Такой подарок может быть лишь раз.
А может быть, один лишь раз и нужен.
30. 11. 83
«Вот и кончена пляска по синим огням…»
Вот и кончена пляска по синим огням,
По каленым орешкам углей.
Вот и роздых оранжевым пылким коням,
А тепло все смуглей и смуглей.
Оскудевшей лошадкой остатки лови —
Не держи – отпускай на скаку!
Остыванье камина печальней любви,
Обреченней котенка в снегу.
А когда догорит, отлетит и умрет,
Как цыганский костер на песке —
То останется маленький грустный зверек,
Охвативший колени в тоске.
Что ж, не все танцевать этой долгой зимой,
Раз никак не кончается год!
И теряется в сумерках тоненький вой,
Унесенный в пустой дымоход.
Что ж, не все баловаться, свиваясь кольцом,
Да хвостом разводить вензеля…
И хотелось бы года с хорошим концом —
Да остыла под лапкой зола…
Не скули, дурачок, мы газету зажжем —
Всю подшивку – в разбойничий дым!
Хоть и мало тепла – да горит хорошо!
Потанцуем, а там поглядим.
3. 12. 83
«Вот и снова декабрь…»
Вот и снова декабрь
Расстилает холсты,
И узорчатым хрустом
Полны мостовые,
И напрасно хлопочут
Четыре стихии
Уберечь нас от смертной
Его чистоты.
Пустим наши планеты
По прежним кругам —
Видно, белая нам
Выпадает дорога.
Нашу линию жизни
Залижут снега —
Но еще нам осталось
Пройти эпилогом.
И упрямых следов
Оставляя печать,
Подыматься по мерзлым ступеням
До плахи —
И суровую холодность
Чистой рубахи
Ощущать благодатью
На слабых плечах.
1983
«А я не знаю, как меня убьют…»
А я не знаю, как меня убьют:
Пристрелят ли в начале заварухи —
И я прижму растерянные руки
К дыре, где было сердце…
И сошьют
Мне белую легенду, и примерят,
И нарядят – потом уже, потом,
Когда окончится!
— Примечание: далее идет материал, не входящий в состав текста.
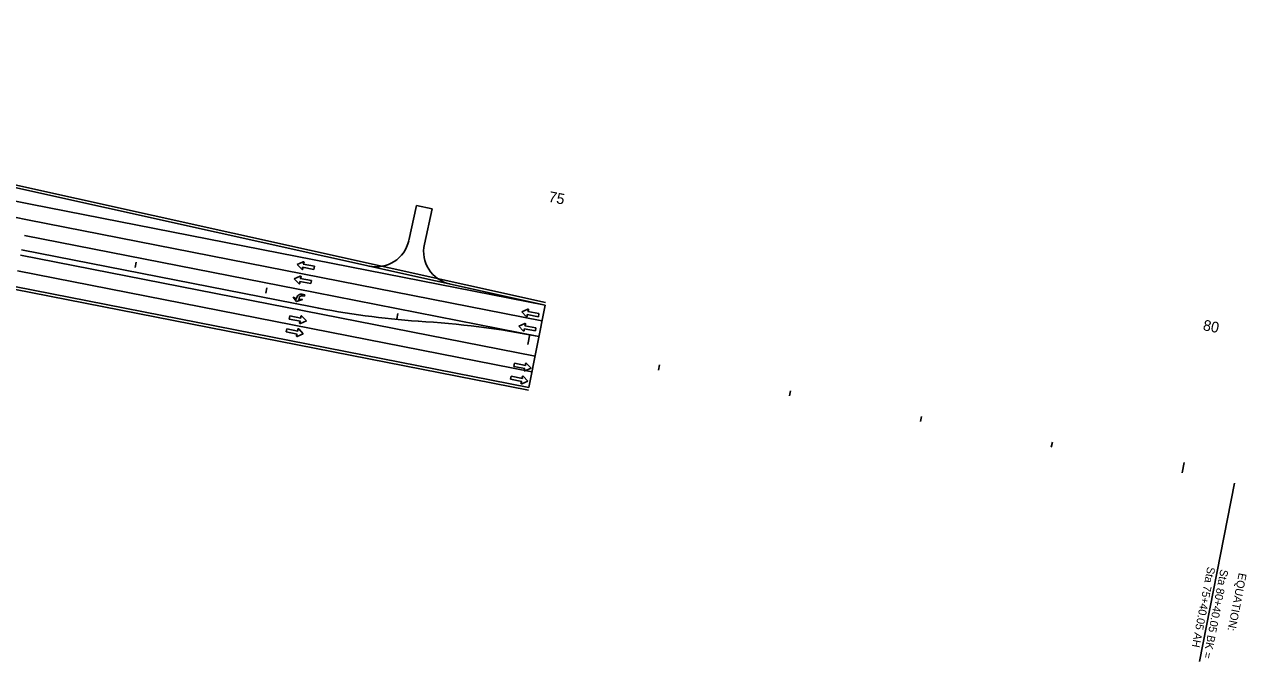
# Model space of a CAD drawing. Extents: x 1936748 to 1944587, y 778949 to 784066.
# Drawn here: x 1943671 to 1944587, y 779663 to 780140 of the extents above; entities that cross this region are included whole.
import ezdxf

# ---------------------------------------------------------------- set-up
doc = ezdxf.new("R2010")
doc.units = 0
for name, color, linetype in [('Default', 7, 'Continuous'), ('RD_HC_Data', 7, 'Continuous'), ('RD_HC_Data_Tic', 7, 'Continuous'), ('RD_HC_TX_Sta50', 7, 'Continuous'), ('RD_PD_ALT1_LnLine', 7, 'Continuous'), ('RD_PD_ALT3_LnLine', 7, 'Continuous'), ('RD_PD_Driveway', 7, 'Continuous'), ('RD_PD_Final_TrvlWay', 7, 'Continuous'), ('RD_PD_PaveShd', 7, 'Continuous')]:
    doc.layers.add(name, color=color, linetype=linetype)

msp = doc.modelspace()

# ---------------------------------------------------------------- linework, layer by layer
at = {"layer": 'Default'}
for p, q in [((1943879.71, 779962.32), (1943875.15, 779960.33)), ((1943875.15, 779960.33), (1943878.59, 779956.73)), ((1943879.33, 779957.07), (1943879.27, 779958.31)), ((1943879.27, 779958.31), (1943887.62, 779956.62)), ((1943879.71, 779962.32), (1943879.71, 779962.32)), ((1943879.74, 779960.6), (1943880.27, 779961.75)), ((1943888.09, 779958.92), (1943879.74, 779960.6)), ((1943887.62, 779956.62), (1943888.09, 779958.92)), ((1943877.49, 779951.6), (1943872.93, 779949.61)), ((1943872.93, 779949.61), (1943876.36, 779946.01)), ((1943877.1, 779946.35), (1943877.05, 779947.59)), ((1943877.05, 779947.59), (1943885.4, 779945.9)), ((1943877.49, 779951.6), (1943877.49, 779951.6)), ((1943877.51, 779949.88), (1943878.05, 779951.03)), ((1943885.86, 779948.2), (1943877.51, 779949.88)), ((1943885.4, 779945.9), (1943885.86, 779948.2)), ((1943879.32, 779936.8), (1943880.65, 779936.48)), ((1943869.65, 779921.69), (1943869.18, 779919.4)), ((1943869.18, 779919.4), (1943877.53, 779917.71)), ((1943878, 779920.01), (1943869.65, 779921.69)), ((1943877.94, 779921.24), (1943878, 779920.01)), ((1943882.12, 779917.98), (1943878.68, 779921.58)), ((1944048.05, 779926.86), (1944043.49, 779924.87)), ((1944043.49, 779924.87), (1944046.93, 779921.27)), ((1944047.67, 779921.61), (1944047.61, 779922.85)), ((1944047.61, 779922.85), (1944055.96, 779921.16)), ((1944048.05, 779926.86), (1944048.05, 779926.86)), ((1944048.07, 779925.14), (1944048.61, 779926.29)), ((1944056.43, 779923.46), (1944048.07, 779925.14)), ((1944055.96, 779921.16), (1944056.43, 779923.46)), ((1943867.28, 779912.05), (1943866.81, 779909.76)), ((1943866.81, 779909.76), (1943875.16, 779908.07)), ((1943875.63, 779910.37), (1943867.28, 779912.05)), ((1943875.57, 779911.6), (1943875.63, 779910.37)), ((1943879.75, 779908.34), (1943876.31, 779911.94)), ((1943877.53, 779917.71), (1943877, 779916.57)), ((1943877.55, 779916), (1943882.12, 779917.98)), ((1943877.55, 779916), (1943877.55, 779916)), ((1944045.83, 779916.14), (1944041.27, 779914.15)), ((1944041.27, 779914.15), (1944044.7, 779910.55)), ((1944045.44, 779910.89), (1944045.39, 779912.13)), ((1944045.39, 779912.13), (1944053.74, 779910.44)), ((1944045.83, 779916.14), (1944045.83, 779916.14)), ((1944045.85, 779914.42), (1944046.39, 779915.57)), ((1944054.2, 779912.74), (1944045.85, 779914.42)), ((1944053.74, 779910.44), (1944054.2, 779912.74)), ((1943875.16, 779908.07), (1943874.63, 779906.93)), ((1943875.19, 779906.36), (1943879.75, 779908.34)), ((1943875.19, 779906.36), (1943875.19, 779906.36)), ((1944037.98, 779886.24), (1944037.52, 779883.94)), ((1944037.52, 779883.94), (1944045.87, 779882.26)), ((1944046.34, 779884.55), (1944037.98, 779886.24)), ((1944045.87, 779882.26), (1944045.34, 779881.11)), ((1944045.89, 779880.54), (1944050.46, 779882.52)), ((1944046.28, 779885.79), (1944046.34, 779884.55)), ((1944050.46, 779882.52), (1944047.02, 779886.13)), ((1944035.61, 779876.59), (1944035.15, 779874.3)), ((1944035.15, 779874.3), (1944043.5, 779872.62)), ((1944043.97, 779874.91), (1944035.61, 779876.59)), ((1944043.91, 779876.14), (1944043.97, 779874.91)), ((1944048.09, 779872.88), (1944044.65, 779876.48)), ((1944045.89, 779880.54), (1944045.89, 779880.54)), ((1944043.5, 779872.62), (1944042.97, 779871.47)), ((1944043.52, 779870.9), (1944048.09, 779872.88)), ((1944043.52, 779870.9), (1944043.52, 779870.9))]:
    msp.add_line(p, q, dxfattribs=at)
for points in [[(1943880.65, 779936.48), (1943880.88, 779937.45), (1943878.89, 779937.93)], [(1943874.93, 779935.51), (1943874.68, 779934.49), (1943872.25, 779935.76), (1943874.54, 779932.47), (1943879.05, 779934.12), (1943876.3, 779934.1), (1943876.55, 779935.11)]]:
    msp.add_lwpolyline(points, dxfattribs=at)
for centre, radius, start, end in [((1943878.9, 779957.02), 0.443, 223.51206, 3.97518), ((1943879.9, 779961.93), 0.443, 333.30097, 113.78719), ((1943876.68, 779946.3), 0.443, 223.51206, 3.97518), ((1943877.67, 779951.21), 0.443, 333.30097, 113.78719), ((1943878.12, 779934.74), 3.28, 76.47643, 166.47643), ((1943878.78, 779934.57), 2.3, 76.47643, 166.47643), ((1943878.37, 779921.29), 0.443, 43.51206, 183.97518), ((1944047.24, 779921.56), 0.443, 223.51206, 3.97518), ((1944048.23, 779926.47), 0.443, 333.30097, 113.78719), ((1943876, 779911.65), 0.443, 43.51206, 183.97518), ((1943877.37, 779916.39), 0.443, 153.30097, 293.78719), ((1944045.02, 779910.84), 0.443, 223.51206, 3.97518), ((1944046.01, 779915.75), 0.443, 333.30097, 113.78719), ((1943875, 779906.74), 0.443, 153.30097, 293.78719), ((1944046.71, 779885.84), 0.443, 43.51206, 183.97518), ((1944044.34, 779876.2), 0.443, 43.51206, 183.97518), ((1944045.71, 779880.93), 0.443, 153.30097, 293.78719), ((1944043.34, 779871.29), 0.443, 153.30097, 293.78719)]:
    msp.add_arc(centre, radius, start, end, dxfattribs=at)
at = {"layer": 'RD_HC_Data'}
msp.add_line((1944577.95, 779796.33), (1944551.75, 779662.72), dxfattribs=at)
at = {"layer": 'RD_HC_Data_Tic'}
for p, q in [((1943753.62, 779958.04), (1943754.39, 779961.96)), ((1943851.75, 779938.79), (1943852.52, 779942.71)), ((1943949.88, 779919.54), (1943950.65, 779923.46)), ((1944048.01, 779900.29), (1944049.55, 779908.14)), ((1944146.14, 779881.04), (1944146.91, 779884.96)), ((1944244.27, 779861.79), (1944245.04, 779865.71)), ((1944342.4, 779842.54), (1944343.17, 779846.46)), ((1944440.53, 779823.29), (1944441.3, 779827.21)), ((1944538.65, 779804.04), (1944540.19, 779811.89))]:
    msp.add_line(p, q, dxfattribs=at)
at = {"layer": 'RD_PD_ALT1_LnLine'}
for p, q in [((1943675.31, 780005.5), (1944060.99, 779929.84)), ((1943673, 779993.72), (1944058.68, 779918.07)), ((1943670.69, 779981.95), (1943888.56, 779939.21)), ((1943665.49, 779955.45), (1944051.17, 779879.79)), ((1943888.56, 779939.21), (1944056.37, 779906.29))]:
    msp.add_line(p, q, dxfattribs=at)
for radius, start in [(7850.5, 254.290417), (7838.5, 257.388687)]:
    msp.add_arc((1945184.18, 787697.4), radius, start, 258.901557, dxfattribs=at)
at = {"layer": 'RD_PD_ALT3_LnLine'}
for p, q in [((1943667.8, 779967.23), (1944053.48, 779891.57)), ((1943668.57, 779971.15), (1943886.45, 779928.41))]:
    msp.add_line(p, q, dxfattribs=at)
for centre, start, end in [((1944015.42, 780585.88), 258.90156, 265.76894), ((1943927.39, 779248.82), 78.90156, 86.69789)]:
    msp.add_arc(centre, 670, start, end, dxfattribs=at)
at = {"layer": 'RD_PD_Driveway'}
msp.add_lwpolyline([(1943958.79, 779978.12), (1943964.63, 780004.45), (1943976.34, 780001.85), (1943970.5, 779975.52)], dxfattribs=at)
for centre, start, end in [((1943934.38, 779983.53), 257.4946, 347.4946), ((1943994.91, 779970.1), 167.4946, 257.4946)]:
    msp.add_arc(centre, 25, start, end, dxfattribs=at)
at = {"layer": 'RD_PD_Final_TrvlWay'}
for p, q in [((1943475.38, 780059.73), (1944060.99, 779929.84)), ((1943663.18, 779943.68), (1944048.86, 779868.02)), ((1944048.86, 779868.02), (1944060.99, 779929.84))]:
    msp.add_line(p, q, dxfattribs=at)
at = {"layer": 'RD_PD_PaveShd'}
for p, q in [((1943475.81, 780061.68), (1944061.42, 779931.79)), ((1943662.8, 779941.71), (1944048.47, 779866.06))]:
    msp.add_line(p, q, dxfattribs=at)

# ---------------------------------------------------------------- texts
at = {"layer": 'RD_HC_Data'}
for s, p in [('Sta 75+40.05 AH', (1944557.59, 779734.09)), ('Sta 80+40.05 BK = ', (1944567.41, 779732.16)), ('EQUATION:', (1944581.14, 779729.47))]:
    msp.add_text(s, height=6, rotation=258.90156, dxfattribs=at).set_placement(p)
at = {"layer": 'RD_HC_TX_Sta50'}
for s, p in [('75', (1944063.14, 780007.38)), ('80', (1944553.76, 779911.14))]:
    msp.add_text(s, height=8, rotation=348.90156, dxfattribs=at).set_placement(p)

doc.saveas('drawing.dxf')

Когда сочтут потери,
Протопят каждый уцелевший дом
И вдруг смутятся, затворяя двери,
И загрустят, неведомо о ком.
А может, даже раньше – хоть сейчас:
Разденут – и в бетон, в окочененье
Законное! За подписью врача —
В калеки, в смертники – на обученье!
Чтобы не дрогнув – медленно – до дна!
Согласно предписаниям режима.
О, белая легенда! Холодна
И – с головы до пят – неотторжима!
Декабрь 83
«Я сижу на полу, прислонясь к батарее…»
Я сижу на полу, прислонясь к батарее, —
Южанка, мерзлячка!
От решетки под лампочкой тянутся длинные тени.
Очень холодно.
Хочется сжаться в комок по-цыплячьи.
Молча слушаю ночь,
Подбородок уткнувши в колени.
Тихий гул по трубе,
Может пустят горячую воду!
Но сомнительно.
Климат ШИЗО. Мезозойская эра.
Кто скорей отогреет – Державина твердая ода,
Марциала опальный привет,
Или бронза Гомера?
Мышка Машка стащила сухарь
И грызет за парашей,
Двухдюймовый грабитель,
Невиннейший жулик на свете.
За окном суета,
И врывается в камеру нашу —
Только что со свободы —
Декабрьский разбойничий ветер.
Гордость Хельсинкской группы не спит —
По дыханию слышу.
В пермском лагере тоже не спит
Нарушитель режима.
Где-то в Киеве крутит приемник
Другой одержимый…
И встает Орион,
И проходит от крыши до крыши.
И печальная повесть России
(А может, нам снится?)
Мышку Машку, и нас, и приемник,
И свет негасимый —
Умещает на чистой, еще непочатой странице,
Открывая на завтрашний день
Эту долгую зиму.
16. 12. 83
«О чайной ложечке любви…»
Илюше
О чайной ложечке любви
Давай грустить, мой друг далекий!
О том, что бесконечны сроки,
Что так суровы все пророки —
И хоть бы кто благословил!
Мой друг, давай грустить о том,
Как я из марта прибегала,
Ты ждал в дверях,
И в добрый дом
Вводил. И занавес вокзала
Был так нескоро, что цвела
Обломленная наспех ветка —
И в робость воскового цвета
Каморка тесная плыла.
Давай грустить о том, что мы
Так щедро молоды поныне —
Но нам, рожденным на чужбине
С судьбой скитанья и гордыни, —
Искать ли родину взаймы?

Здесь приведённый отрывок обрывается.